The King's Speech of May 13 was presented as a programme to build a "stronger and fairer" Britain [1]. As usual, the language is revealing precisely because of what it conceals. "Strength" is presented as the strengthening of society, when in fact the programme strengthens the machinery of the state. "Fairness" is presented as concern for working people, when in fact it is tied to market stability, investment conditions and the demand that the people submit to the requirements of "security", "resilience" and "growth".
The legislative programme, containing 37 bills and draft measures, centres on energy independence, national security, infrastructure, public administration and regulatory reform. Taken as a whole, it is not a programme for democratic renewal or for the recognition and guarantee of the rights of all. It is a programme for the consolidation of state capacity in the service of market stabilisation, strategic industry protection, and expanded security powers.
Major social questions are posed as a question of security. Energy is "energy security", industry is "economic security", immigration is "border security", digital systems are "cyber security". What is missing is the conception that security lies in defending the rights of all, changing the direction of the economy, increasing investments in social programmes, and stopping the militarisation of economic and political life.

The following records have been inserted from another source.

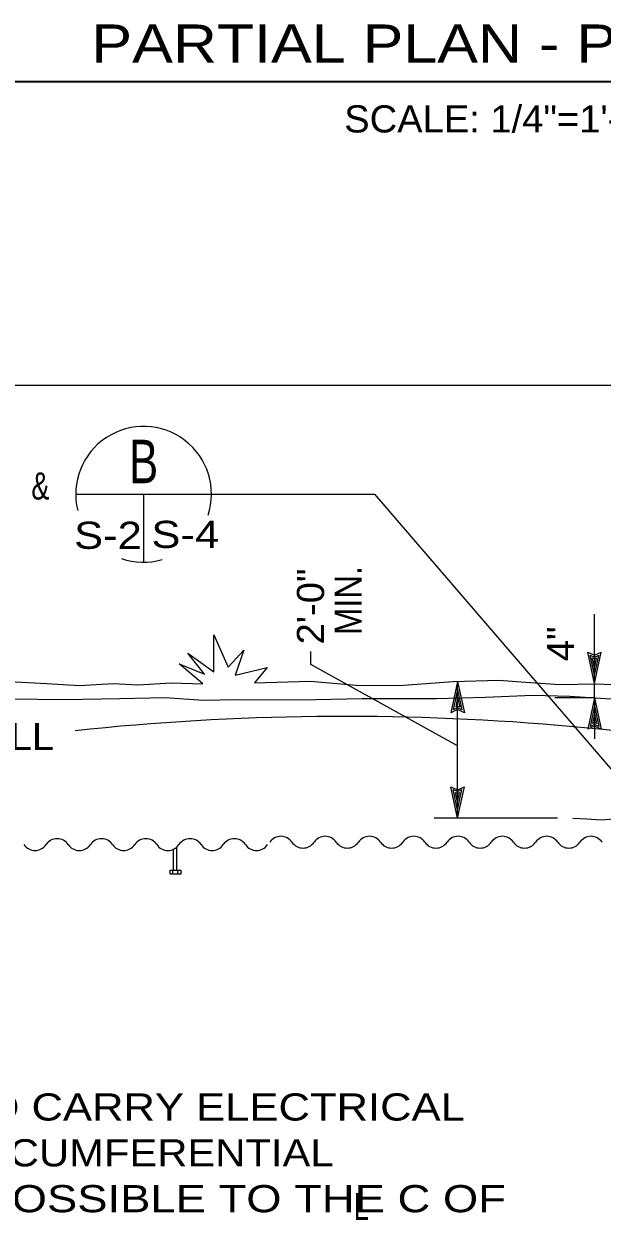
# Model space of a CAD drawing. Extents: x -22.3 to 19.7, y -11.8 to 18.2.
# Drawn here: x -7.13 to -4.47, y -5.67 to -0.16 of the extents above; entities that cross this region are included whole.
import ezdxf
from ezdxf.enums import TextEntityAlignment as Align

# ---------------------------------------------------------------- set-up
doc = ezdxf.new("R2010")
doc.units = 0
doc.header["$LTSCALE"] = 0.05
doc.layers.add('1', color=7, linetype='Continuous', lineweight=13)
doc.layers.add('2', color=7, linetype='Continuous', lineweight=13)

msp = doc.modelspace()

# ---------------------------------------------------------------- linework, layer by layer
at = {"layer": '1', "lineweight": 35}
msp.add_line((-7.37642, -0.42569), (-2.28642, -0.42569), dxfattribs=at)
at = {"layer": '1'}
for p, q in [((-8.41542, -1.82369), (-3.99142, -1.82369)), ((-4.50242, -3.19669), (-4.53342, -3.05269)), ((-4.50242, -3.15969), (-4.52242, -3.06569)), ((-4.52242, -3.06569), (-4.50242, -3.07469)), ((-4.50242, -3.12369), (-4.51242, -3.07869)), ((-4.51242, -3.07869), (-4.50242, -3.08269)), ((-4.50242, -3.19669), (-4.47142, -3.05269)), ((-4.50242, -3.15969), (-4.48242, -3.06569)), ((-4.50242, -3.07469), (-4.48242, -3.06569)), ((-4.50242, -3.12369), (-4.49342, -3.07869)), ((-4.50242, -3.08269), (-4.49342, -3.07869)), ((-5.13242, -3.18669), (-5.16342, -3.33069)), ((-5.13242, -3.81569), (-5.13242, -3.18669)), ((-5.13242, -3.18669), (-5.10142, -3.33069)), ((-5.13242, -3.22369), (-5.15242, -3.31769)), ((-5.13242, -3.22369), (-5.11242, -3.31769)), ((-5.13242, -3.25969), (-5.14142, -3.30469)), ((-5.13242, -3.30069), (-5.14142, -3.30469)), ((-5.13242, -3.25969), (-5.12242, -3.30469)), ((-5.12242, -3.30469), (-5.13242, -3.30069)), ((-4.50242, -3.26269), (-4.68442, -3.26269)), ((-4.50242, -3.26269), (-4.53342, -3.40669)), ((-4.50242, -3.29969), (-4.52242, -3.39369)), ((-4.50242, -3.26269), (-4.50242, -3.45069)), ((-4.50242, -3.26269), (-4.47142, -3.40669)), ((-4.50242, -3.29969), (-4.48242, -3.39369)), ((-5.13242, -3.30869), (-5.15242, -3.31769)), ((-5.11242, -3.31769), (-5.13242, -3.30869)), ((-4.50242, -3.33569), (-4.51142, -3.38069)), ((-4.50242, -3.33569), (-4.49242, -3.38069)), ((-4.50242, -3.38469), (-4.52242, -3.39369)), ((-4.50242, -3.37669), (-4.51142, -3.38069)), ((-4.49242, -3.38069), (-4.50242, -3.37669)), ((-4.48242, -3.39369), (-4.50242, -3.38469)), ((-5.13242, -3.81569), (-5.16342, -3.67169)), ((-5.13242, -3.77869), (-5.15242, -3.68469)), ((-5.15242, -3.68469), (-5.13242, -3.69369)), ((-5.13242, -3.81569), (-5.10142, -3.67169)), ((-5.13242, -3.77869), (-5.11242, -3.68469)), ((-5.13242, -3.69369), (-5.11242, -3.68469)), ((-5.13242, -3.74269), (-5.14242, -3.69769)), ((-5.14242, -3.69769), (-5.13242, -3.70169)), ((-5.13242, -3.74269), (-5.12342, -3.69769)), ((-5.13242, -3.70169), (-5.12342, -3.69769)), ((-4.67342, -3.81569), (-5.24042, -3.81569))]:
    msp.add_line(p, q, dxfattribs=at)
at = {"layer": '1', "lineweight": 25}
for p, q in [((-6.44042, -4.05469), (-6.44042, -3.95869)), ((-6.42542, -4.05469), (-6.42542, -3.95069)), ((-6.42542, -4.05469), (-6.42542, -3.95869)), ((-6.45642, -4.05469), (-6.40542, -4.05469)), ((-6.45642, -4.07169), (-6.45642, -4.05469)), ((-6.45642, -4.07169), (-6.40542, -4.07169)), ((-6.44342, -4.07169), (-6.44342, -4.05469)), ((-6.42042, -4.07169), (-6.42042, -4.05469)), ((-6.40542, -4.07169), (-6.40542, -4.05469))]:
    msp.add_line(p, q, dxfattribs=at)
for points in [[(-6.26642, -2.32569), (-5.51542, -2.32569), (-4.28642, -3.75369)], [(-7.19742, -3.18669), (-7.02342, -3.19569), (-6.87342, -3.20569), (-6.71842, -3.19669), (-6.60542, -3.20269), (-6.44942, -3.19369), (-6.30542, -3.19769), (-6.41442, -3.10569), (-6.29842, -3.15369), (-6.37442, -3.05669), (-6.25442, -3.14269), (-6.25542, -2.97269), (-6.18842, -3.12069), (-6.11642, -3.04269), (-6.15742, -3.15769), (-6.00942, -3.12269), (-6.06742, -3.19369), (-5.81142, -3.18569), (-5.58142, -3.20569), (-5.38242, -3.20469), (-5.15342, -3.18669), (-4.94342, -3.18169), (-4.81942, -3.18969), (-4.66242, -3.20069), (-4.49642, -3.19769), (-4.30442, -3.20569)], [(-7.18642, -3.26769), (-6.94542, -3.26969), (-6.68842, -3.26469), (-6.47842, -3.26069), (-6.30242, -3.27369), (-6.14842, -3.27069), (-5.85542, -3.27169), (-5.57142, -3.26469), (-5.41742, -3.26569), (-5.22942, -3.26569), (-5.00642, -3.25869), (-4.78642, -3.24969), (-4.61642, -3.25469), (-4.45142, -3.26569), (-4.30442, -3.27269), (-4.12542, -3.27069), (-3.99542, -3.26469), (-3.84342, -3.28769), (-3.73842, -3.28069), (-3.61442, -3.28869), (-3.50942, -3.28469), (-3.41242, -3.29069), (-3.31442, -3.28569)], [(-4.60242, -3.81569), (-4.53842, -3.81869), (-4.47242, -3.82369), (-4.41542, -3.81869)]]:
    msp.add_lwpolyline(points, dxfattribs=at)
at = {"layer": '1'}
for points in [[(-4.50242, -3.26269), (-4.50242, -3.19669), (-4.50242, -2.87669)], [(-5.13242, -3.48269), (-5.80842, -3.10969), (-5.80842, -3.04969)], [(-4.53342, -3.05269), (-4.50242, -3.06669), (-4.47142, -3.05269)], [(-5.10142, -3.33069), (-5.13242, -3.31669), (-5.16342, -3.33069)], [(-4.47142, -3.40669), (-4.50242, -3.39269), (-4.53342, -3.40669)], [(-5.16342, -3.67169), (-5.13242, -3.68569), (-5.10142, -3.67169)]]:
    msp.add_lwpolyline(points, dxfattribs=at)
msp.add_arc((-5.65272, -15.07871), 11.73082, 74.31555, 96.07119, dxfattribs=at)
at = {"layer": '1', "lineweight": 25}
for centre, start, end in [((-5.94642, -3.96119), 34.0772, 145.92281), ((-5.74242, -3.96119), 34.0772, 145.92281), ((-5.53842, -3.96119), 34.0772, 145.92281), ((-5.33442, -3.96119), 34.0772, 145.92281), ((-5.13042, -3.96119), 34.0772, 145.92281), ((-4.92642, -3.96119), 34.0772, 145.92281), ((-4.72242, -3.96119), 34.0772, 145.92281), ((-4.51842, -3.96119), 34.0772, 145.92281), ((-7.07842, -3.90319), 214.0772, 325.92281), ((-6.97642, -3.97219), 34.0772, 145.92281), ((-6.87442, -3.90319), 214.0772, 325.92281), ((-6.77242, -3.97219), 34.0772, 145.92281), ((-6.67042, -3.90319), 214.0772, 325.92281), ((-6.56842, -3.97219), 34.0772, 145.92281), ((-6.46642, -3.90319), 214.0772, 325.92281), ((-6.36442, -3.97219), 34.0772, 145.92281), ((-6.26242, -3.90319), 214.0772, 325.92281), ((-6.16042, -3.97219), 34.0772, 145.92281), ((-6.05842, -3.90319), 214.0772, 325.92281), ((-5.84442, -3.89219), 214.0772, 325.92281), ((-5.64042, -3.89219), 214.0772, 325.92281), ((-5.43642, -3.89219), 214.0772, 325.92281), ((-5.23242, -3.89219), 214.0772, 325.92281), ((-5.02842, -3.89219), 214.0772, 325.92281), ((-4.82442, -3.89219), 214.0772, 325.92281), ((-4.62042, -3.89219), 214.0772, 325.92281)]:
    msp.add_arc(centre, 0.06157, start, end, dxfattribs=at)
at = {"layer": '2', "lineweight": 25}
for p, q in [((-6.89042, -2.32569), (-6.26642, -2.32569)), ((-6.57842, -2.32569), (-6.57842, -2.63769))]:
    msp.add_line(p, q, dxfattribs=at)
for start, end in [(341.96976, 193.81208), (251.04049, 285.74671)]:
    msp.add_arc((-6.57842, -2.32569), 0.3125, start, end, dxfattribs=at)

# ---------------------------------------------------------------- texts
at = {"layer": '1'}
for s, height, width, p in [('PARTIAL PLAN - PORTAL WALL', 0.175, 1.2, (-4.71942, -0.33869)), ('SCALE: 1/4"=1\'-0"', 0.125, 1.05, (-4.93892, -0.66069)), ('&', 0.125, 0.75, (-7.05342, -2.34969)), ('IMPERVIOUS FILL', 0.125, 1.1, (-7.77742, -3.50269))]:
    msp.add_text(s, height=height, dxfattribs=dict(at, width=width)).set_placement(p, align=Align.CENTER)
at = {"layer": '1', "width": 1.05}
for s, p in [('2\'-0"', (-5.74742, -3.01669)), ('4"', (-4.59642, -3.09369))]:
    msp.add_text(s, height=0.125, rotation=90, dxfattribs=at).set_placement(p)
at = {"layer": '1', "width": 0.9}
msp.add_text('MIN.', height=0.125, rotation=90, dxfattribs=at).set_placement((-5.57442, -2.81419), align=Align.CENTER)
at = {"layer": '1'}
for s, width, p in [('WITH DOUBLE NUT TO CARRY ELECTRICAL', 1.2, (-9.34542, -5.20769)), ('CONDUIT AT EACH CIRCUMFERENTIAL', 1.15, (-9.34542, -5.41869)), ('SEAM, AS NEAR AS POSSIBLE TO THE C OF', 1.25, (-9.34542, -5.62969)), ('L', 0.75, (-5.61142, -5.66569))]:
    msp.add_text(s, height=0.125, dxfattribs=dict(at, width=width)).set_placement(p)
at = {"layer": '2'}
for s, height, width, p in [('B', 0.2, 0.75, (-6.57792, -2.27469)), ('S-2', 0.125, 1.2, (-6.74242, -2.57669)), ('S-4', 0.125, 1.2, (-6.38642, -2.57269))]:
    msp.add_text(s, height=height, dxfattribs=dict(at, width=width)).set_placement(p, align=Align.CENTER)

doc.saveas('drawing.dxf')

The Energy Independence Bill is presented as legislation to scale up home-grown renewable energy and protect living standards. The accompanying measures include Exchequer funding for 75% of the domestic costs of the Renewables Obligation scheme for three years, a Warm Homes Agency, and rules requiring landlords to invest in home upgrades. These measures are presented as relief for households, but the decisive issue is the direction of the economy. The state is intervening to underwrite energy transition in a manner that stabilises the operating environment for industry and finance. The question of who owns, controls and benefits from energy production is not addressed from the standpoint of the people.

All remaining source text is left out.